• **TASK PROMPT**: Search the records for the word "VECTOR" and report each line that has it.

• **RECORDS SUPPLIED**:
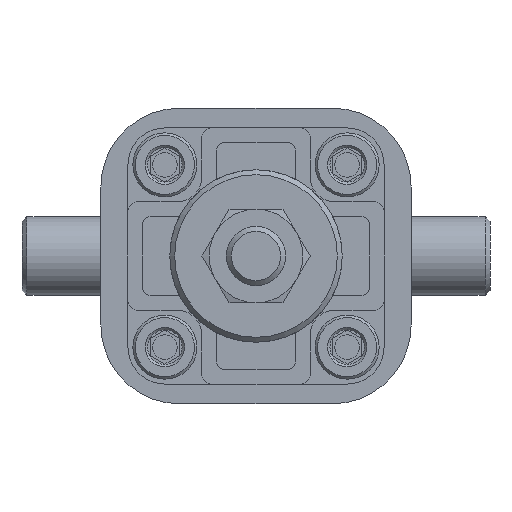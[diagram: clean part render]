
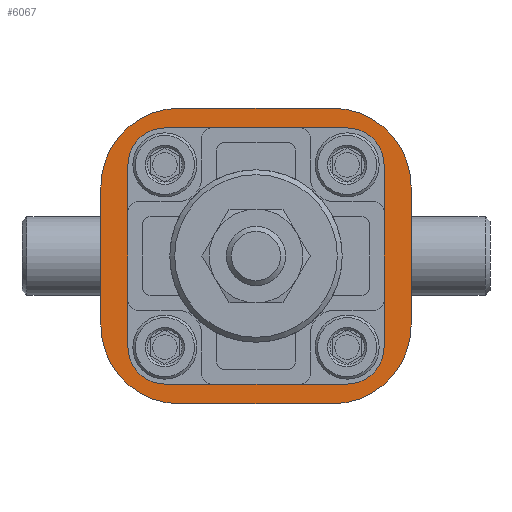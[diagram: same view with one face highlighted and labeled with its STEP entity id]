
A CAD part, front view. The second image highlights one B-rep face of the part: STEP entity #6067.
In plain terms, the highlighted planar face has unit normal (0, -1, 0).
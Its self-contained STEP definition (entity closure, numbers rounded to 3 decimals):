
#410=LINE('',#9173,#734);
#414=LINE('',#9184,#738);
#420=LINE('',#9198,#744);
#422=LINE('',#9204,#746);
#734=VECTOR('',#7819,1000.);
#738=VECTOR('',#7827,1000.);
#744=VECTOR('',#7835,1000.);
#746=VECTOR('',#7841,1000.);
#1974=ORIENTED_EDGE('',*,*,#2587,.F.);
#1975=ORIENTED_EDGE('',*,*,#2588,.F.);
#1976=ORIENTED_EDGE('',*,*,#2589,.F.);
#1977=ORIENTED_EDGE('',*,*,#2590,.F.);
#1978=ORIENTED_EDGE('',*,*,#2591,.T.);
#1979=ORIENTED_EDGE('',*,*,#2571,.F.);
#1980=ORIENTED_EDGE('',*,*,#2592,.T.);
#1981=ORIENTED_EDGE('',*,*,#2565,.F.);
#1982=ORIENTED_EDGE('',*,*,#2593,.T.);
#1983=ORIENTED_EDGE('',*,*,#2560,.F.);
#1984=ORIENTED_EDGE('',*,*,#2594,.T.);
#1985=ORIENTED_EDGE('',*,*,#2574,.F.);
#1986=ORIENTED_EDGE('',*,*,#2595,.T.);
#2560=EDGE_CURVE('',#2977,#2978,#410,.T.);
#2565=EDGE_CURVE('',#2982,#2983,#414,.T.);
#2571=EDGE_CURVE('',#2988,#2989,#420,.T.);
#2574=EDGE_CURVE('',#2991,#2992,#422,.T.);
#2587=EDGE_CURVE('',#3000,#3000,#3219,.F.);
#2588=EDGE_CURVE('',#3001,#3001,#3220,.F.);
#2589=EDGE_CURVE('',#3002,#3002,#3221,.F.);
#2590=EDGE_CURVE('',#3003,#3003,#3222,.F.);
#2591=EDGE_CURVE('',#3004,#3004,#3223,.T.);
#2592=EDGE_CURVE('',#2988,#2983,#3224,.F.);
#2593=EDGE_CURVE('',#2982,#2978,#3225,.F.);
#2594=EDGE_CURVE('',#2977,#2992,#3226,.F.);
#2595=EDGE_CURVE('',#2991,#2989,#3227,.F.);
#2977=VERTEX_POINT('',#9174);
#2978=VERTEX_POINT('',#9175);
#2982=VERTEX_POINT('',#9185);
#2983=VERTEX_POINT('',#9186);
#2988=VERTEX_POINT('',#9197);
#2989=VERTEX_POINT('',#9199);
#2991=VERTEX_POINT('',#9205);
#2992=VERTEX_POINT('',#9206);
#3000=VERTEX_POINT('',#9229);
#3001=VERTEX_POINT('',#9231);
#3002=VERTEX_POINT('',#9233);
#3003=VERTEX_POINT('',#9235);
#3004=VERTEX_POINT('',#9237);
#3219=CIRCLE('',#6580,2.5);
#3220=CIRCLE('',#6581,2.5);
#3221=CIRCLE('',#6582,2.5);
#3222=CIRCLE('',#6583,2.5);
#3223=CIRCLE('',#6584,22.75);
#3224=CIRCLE('',#6585,16.);
#3225=CIRCLE('',#6586,16.);
#3226=CIRCLE('',#6587,16.);
#3227=CIRCLE('',#6588,16.);
#3572=EDGE_LOOP('',(#1974));
#3573=EDGE_LOOP('',(#1975));
#3574=EDGE_LOOP('',(#1976));
#3575=EDGE_LOOP('',(#1977));
#3576=EDGE_LOOP('',(#1978));
#3577=EDGE_LOOP('',(#1979,#1980,#1981,#1982,#1983,#1984,#1985,#1986));
#3942=FACE_BOUND('',#3572,.T.);
#3943=FACE_BOUND('',#3573,.T.);
#3944=FACE_BOUND('',#3574,.T.);
#3945=FACE_BOUND('',#3575,.T.);
#3946=FACE_BOUND('',#3576,.T.);
#3947=FACE_BOUND('',#3577,.T.);
#4110=PLANE('',#6579);
#6067=ADVANCED_FACE('',(#3942,#3943,#3944,#3945,#3946,#3947),#4110,.F.);
#6579=AXIS2_PLACEMENT_3D('',#9227,#7865,#7866);
#6580=AXIS2_PLACEMENT_3D('',#9228,#7867,#7868);
#6581=AXIS2_PLACEMENT_3D('',#9230,#7869,#7870);
#6582=AXIS2_PLACEMENT_3D('',#9232,#7871,#7872);
#6583=AXIS2_PLACEMENT_3D('',#9234,#7873,#7874);
#6584=AXIS2_PLACEMENT_3D('',#9236,#7875,#7876);
#6585=AXIS2_PLACEMENT_3D('',#9238,#7877,#7878);
#6586=AXIS2_PLACEMENT_3D('',#9239,#7879,#7880);
#6587=AXIS2_PLACEMENT_3D('',#9240,#7881,#7882);
#6588=AXIS2_PLACEMENT_3D('',#9241,#7883,#7884);
#7819=DIRECTION('',(-1.,0.,0.));
#7827=DIRECTION('',(0.,0.,1.));
#7835=DIRECTION('',(1.,0.,0.));
#7841=DIRECTION('',(0.,0.,-1.));
#7865=DIRECTION('',(0.,1.,0.));
#7866=DIRECTION('',(0.,0.,1.));
#7867=DIRECTION('',(0.,1.,0.));
#7868=DIRECTION('',(0.,0.,1.));
#7869=DIRECTION('',(0.,1.,0.));
#7870=DIRECTION('',(0.,0.,1.));
#7871=DIRECTION('',(0.,1.,0.));
#7872=DIRECTION('',(0.,0.,1.));
#7873=DIRECTION('',(0.,1.,0.));
#7874=DIRECTION('',(0.,0.,1.));
#7875=DIRECTION('',(0.,1.,0.));
#7876=DIRECTION('',(0.,0.,1.));
#7877=DIRECTION('',(0.,1.,0.));
#7878=DIRECTION('',(0.,0.,1.));
#7879=DIRECTION('',(0.,1.,0.));
#7880=DIRECTION('',(0.,0.,1.));
#7881=DIRECTION('',(0.,1.,0.));
#7882=DIRECTION('',(0.,0.,1.));
#7883=DIRECTION('',(0.,1.,0.));
#7884=DIRECTION('',(0.,0.,1.));
#9173=CARTESIAN_POINT('',(45.,-15.,-30.));
#9174=CARTESIAN_POINT('',(15.5,-15.,-30.));
#9175=CARTESIAN_POINT('',(-15.5,-15.,-30.));
#9184=CARTESIAN_POINT('',(-31.5,-15.,-40.5));
#9185=CARTESIAN_POINT('',(-31.5,-15.,-14.));
#9186=CARTESIAN_POINT('',(-31.5,-15.,14.));
#9197=CARTESIAN_POINT('',(-15.5,-15.,30.));
#9198=CARTESIAN_POINT('',(-45.,-15.,30.));
#9199=CARTESIAN_POINT('',(15.5,-15.,30.));
#9204=CARTESIAN_POINT('',(31.5,-15.,40.5));
#9205=CARTESIAN_POINT('',(31.5,-15.,14.));
#9206=CARTESIAN_POINT('',(31.5,-15.,-14.));
#9227=CARTESIAN_POINT('',(0.,-15.,0.));
#9228=CARTESIAN_POINT('',(18.5,-15.,-18.5));
#9229=CARTESIAN_POINT('',(18.5,-15.,-16.));
#9230=CARTESIAN_POINT('',(-18.5,-15.,-18.5));
#9231=CARTESIAN_POINT('',(-18.5,-15.,-16.));
#9232=CARTESIAN_POINT('',(-18.5,-15.,18.5));
#9233=CARTESIAN_POINT('',(-18.5,-15.,21.));
#9234=CARTESIAN_POINT('',(18.5,-15.,18.5));
#9235=CARTESIAN_POINT('',(18.5,-15.,21.));
#9236=CARTESIAN_POINT('',(0.,-15.,0.));
#9237=CARTESIAN_POINT('',(0.,-15.,22.75));
#9238=CARTESIAN_POINT('',(-15.5,-15.,14.));
#9239=CARTESIAN_POINT('',(-15.5,-15.,-14.));
#9240=CARTESIAN_POINT('',(15.5,-15.,-14.));
#9241=CARTESIAN_POINT('',(15.5,-15.,14.));

• **COMPLETED TASK**:
#734=VECTOR('',#7819,1000.);
#738=VECTOR('',#7827,1000.);
#744=VECTOR('',#7835,1000.);
#746=VECTOR('',#7841,1000.);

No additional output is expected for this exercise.